Gaia Bottà

Rightscorp e il ransomware della pirateria

L'azienda che vuole agire da braccio armato a favore dell'industria dei contenuti torna a proporre una soluzione radicale: ottenere la collaborazione degli ISP per impedire la navigazione a chi viola il copyright

Roma - Nota per la spregiudicatezza con cui offre ai detentori dei diritti protezione e compensazioni, Rightscorp intende perseguire la propria missione con una soluzione automatizzata e dissuasiva nei confronti di chi venga colto ad abusare del diritto d'autore in Rete: impedire la navigazione a coloro che ignorino le notifiche di violazione e i solleciti di pagamento dei risarcimenti.

Il sistema, definito Scalable Copyright, si propone da anni come una "tecnologia di nuova generazione" sulla base della quale è possibile interagire con i cittadini della Rete con la mediazione del browser, recapitando loro notifiche di avvenuta violazione ad opera dell'indirizzo IP loro assegnato. Notifiche che si possono scansare con un clic fino al raggiungimento di "un dato numero e un dato periodo di tempo", per poi assumere la forma di un blocco che impedisce la navigazione a meno che non si proceda al pagamento della somma richiesta per chiudere il procedimento.

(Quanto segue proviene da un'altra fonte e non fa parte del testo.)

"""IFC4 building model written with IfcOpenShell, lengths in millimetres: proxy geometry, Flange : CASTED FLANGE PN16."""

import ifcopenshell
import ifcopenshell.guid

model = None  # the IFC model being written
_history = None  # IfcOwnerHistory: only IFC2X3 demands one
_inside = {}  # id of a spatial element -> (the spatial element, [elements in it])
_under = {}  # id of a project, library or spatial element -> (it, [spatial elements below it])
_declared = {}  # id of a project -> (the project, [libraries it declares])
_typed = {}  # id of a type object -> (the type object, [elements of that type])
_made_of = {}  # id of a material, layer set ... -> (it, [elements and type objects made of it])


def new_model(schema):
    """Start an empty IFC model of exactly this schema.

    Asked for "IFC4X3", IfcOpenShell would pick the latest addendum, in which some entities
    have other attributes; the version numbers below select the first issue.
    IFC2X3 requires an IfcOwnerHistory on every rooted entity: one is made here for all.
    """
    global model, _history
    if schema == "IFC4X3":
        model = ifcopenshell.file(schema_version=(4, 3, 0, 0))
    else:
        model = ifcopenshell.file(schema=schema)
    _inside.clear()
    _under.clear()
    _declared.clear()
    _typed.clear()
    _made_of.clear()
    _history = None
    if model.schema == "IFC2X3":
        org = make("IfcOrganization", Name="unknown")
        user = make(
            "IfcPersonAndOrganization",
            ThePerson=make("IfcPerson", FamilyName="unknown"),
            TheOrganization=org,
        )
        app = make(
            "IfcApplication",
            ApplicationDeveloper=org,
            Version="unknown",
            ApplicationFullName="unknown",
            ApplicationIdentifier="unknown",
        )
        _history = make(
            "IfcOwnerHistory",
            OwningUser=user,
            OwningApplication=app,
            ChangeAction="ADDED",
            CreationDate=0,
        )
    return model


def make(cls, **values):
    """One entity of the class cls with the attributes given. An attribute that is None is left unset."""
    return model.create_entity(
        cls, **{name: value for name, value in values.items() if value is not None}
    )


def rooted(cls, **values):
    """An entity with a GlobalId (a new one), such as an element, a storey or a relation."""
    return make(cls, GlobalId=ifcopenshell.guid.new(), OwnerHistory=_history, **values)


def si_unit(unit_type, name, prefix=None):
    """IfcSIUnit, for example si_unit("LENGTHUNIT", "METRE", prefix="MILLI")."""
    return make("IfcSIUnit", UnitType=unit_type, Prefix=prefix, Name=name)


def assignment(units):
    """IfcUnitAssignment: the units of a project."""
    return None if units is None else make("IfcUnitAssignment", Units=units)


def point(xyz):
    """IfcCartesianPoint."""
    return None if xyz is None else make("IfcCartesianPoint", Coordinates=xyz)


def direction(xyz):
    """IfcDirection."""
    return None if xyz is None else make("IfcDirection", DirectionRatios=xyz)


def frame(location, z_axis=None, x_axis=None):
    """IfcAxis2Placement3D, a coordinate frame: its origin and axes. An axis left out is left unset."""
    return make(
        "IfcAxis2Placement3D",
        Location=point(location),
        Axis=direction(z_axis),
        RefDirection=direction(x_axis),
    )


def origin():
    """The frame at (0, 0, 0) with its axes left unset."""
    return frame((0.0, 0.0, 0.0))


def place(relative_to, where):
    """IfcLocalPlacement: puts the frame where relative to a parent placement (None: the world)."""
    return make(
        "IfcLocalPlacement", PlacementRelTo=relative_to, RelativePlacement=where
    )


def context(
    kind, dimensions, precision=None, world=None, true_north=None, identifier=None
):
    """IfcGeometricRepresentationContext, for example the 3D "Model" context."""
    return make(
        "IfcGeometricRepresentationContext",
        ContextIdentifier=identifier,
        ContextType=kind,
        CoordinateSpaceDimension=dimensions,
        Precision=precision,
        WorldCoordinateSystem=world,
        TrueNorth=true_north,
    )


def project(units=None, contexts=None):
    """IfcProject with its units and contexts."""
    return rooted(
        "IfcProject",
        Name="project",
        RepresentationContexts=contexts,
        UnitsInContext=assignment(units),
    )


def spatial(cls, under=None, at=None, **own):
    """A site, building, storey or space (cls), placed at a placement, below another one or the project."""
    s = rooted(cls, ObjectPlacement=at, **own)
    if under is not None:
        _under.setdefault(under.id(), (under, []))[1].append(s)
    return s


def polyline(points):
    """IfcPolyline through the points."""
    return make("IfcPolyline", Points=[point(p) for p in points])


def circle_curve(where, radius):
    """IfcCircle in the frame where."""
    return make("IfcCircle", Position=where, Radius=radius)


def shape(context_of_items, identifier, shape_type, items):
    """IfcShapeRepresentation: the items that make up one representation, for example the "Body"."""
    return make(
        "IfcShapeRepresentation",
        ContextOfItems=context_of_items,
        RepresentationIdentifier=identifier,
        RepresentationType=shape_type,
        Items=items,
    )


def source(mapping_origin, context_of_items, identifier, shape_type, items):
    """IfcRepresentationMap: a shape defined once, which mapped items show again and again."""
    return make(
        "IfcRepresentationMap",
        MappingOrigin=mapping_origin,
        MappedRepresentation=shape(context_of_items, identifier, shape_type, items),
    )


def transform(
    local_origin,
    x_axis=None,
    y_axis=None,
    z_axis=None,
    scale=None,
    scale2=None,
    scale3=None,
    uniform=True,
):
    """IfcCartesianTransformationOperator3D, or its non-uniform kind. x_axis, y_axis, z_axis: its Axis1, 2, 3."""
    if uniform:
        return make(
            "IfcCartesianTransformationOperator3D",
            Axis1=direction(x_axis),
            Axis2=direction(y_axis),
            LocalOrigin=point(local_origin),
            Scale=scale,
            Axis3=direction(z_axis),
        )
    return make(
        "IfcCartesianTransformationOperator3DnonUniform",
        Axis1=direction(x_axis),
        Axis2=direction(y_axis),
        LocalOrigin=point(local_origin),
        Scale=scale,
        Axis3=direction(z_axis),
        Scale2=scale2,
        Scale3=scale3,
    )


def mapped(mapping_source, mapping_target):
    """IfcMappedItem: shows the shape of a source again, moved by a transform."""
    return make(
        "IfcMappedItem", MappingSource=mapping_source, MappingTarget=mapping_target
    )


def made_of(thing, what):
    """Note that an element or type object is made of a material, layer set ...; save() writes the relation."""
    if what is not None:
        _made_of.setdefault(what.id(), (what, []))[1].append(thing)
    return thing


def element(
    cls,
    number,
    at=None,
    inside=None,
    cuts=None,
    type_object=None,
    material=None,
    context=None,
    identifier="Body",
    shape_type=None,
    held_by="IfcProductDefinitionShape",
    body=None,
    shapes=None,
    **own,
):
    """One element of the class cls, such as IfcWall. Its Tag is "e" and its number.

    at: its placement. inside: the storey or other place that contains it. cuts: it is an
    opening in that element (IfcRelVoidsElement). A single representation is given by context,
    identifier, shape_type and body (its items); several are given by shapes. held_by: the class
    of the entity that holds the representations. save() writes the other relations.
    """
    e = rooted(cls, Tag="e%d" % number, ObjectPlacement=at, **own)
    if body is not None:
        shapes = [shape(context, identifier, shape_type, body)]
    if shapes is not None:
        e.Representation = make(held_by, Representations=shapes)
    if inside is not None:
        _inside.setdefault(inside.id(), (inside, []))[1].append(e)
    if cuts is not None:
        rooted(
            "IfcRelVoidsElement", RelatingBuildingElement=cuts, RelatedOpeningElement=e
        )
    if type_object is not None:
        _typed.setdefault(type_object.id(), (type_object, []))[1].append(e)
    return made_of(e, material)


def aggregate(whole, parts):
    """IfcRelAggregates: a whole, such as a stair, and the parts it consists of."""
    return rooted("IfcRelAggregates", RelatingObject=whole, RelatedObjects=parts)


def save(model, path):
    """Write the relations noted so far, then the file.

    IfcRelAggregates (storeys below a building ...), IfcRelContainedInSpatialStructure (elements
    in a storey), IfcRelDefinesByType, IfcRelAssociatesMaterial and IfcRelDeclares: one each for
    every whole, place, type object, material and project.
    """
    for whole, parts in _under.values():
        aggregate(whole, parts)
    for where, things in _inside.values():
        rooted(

Se nel 2013 Rightscorp riferiva di aver avviato delle trattative con i fornitori di connettività per mettere in azione questo sistema, prevedendo di implementarlo entro la prima metà del 2014, ora la mancata collaborazione degli ISP viene chiamata in causa come origine dei propri insuccessi finanziari.
Ma Rightscorp sostiene di poter coinvolgere i fornitori di connettività in questo meccanismo per tenere in ostaggio gli utenti Internet: la leva per ottenere la loro collaborazione sarebbe rappresentata dalla responsabilità indiretta che peserebbe sull'ISP che sia stato informato delle violazioni commesse da un suo utente. Il contenzioso in corso tra l'ISP statunitense Cox e la casa discografica BMG Rights Management LLC verte proprio su questa responsabilità e sulle deroghe previste per i fornitori di connettività, ed appare ancora lontano da una conclusione.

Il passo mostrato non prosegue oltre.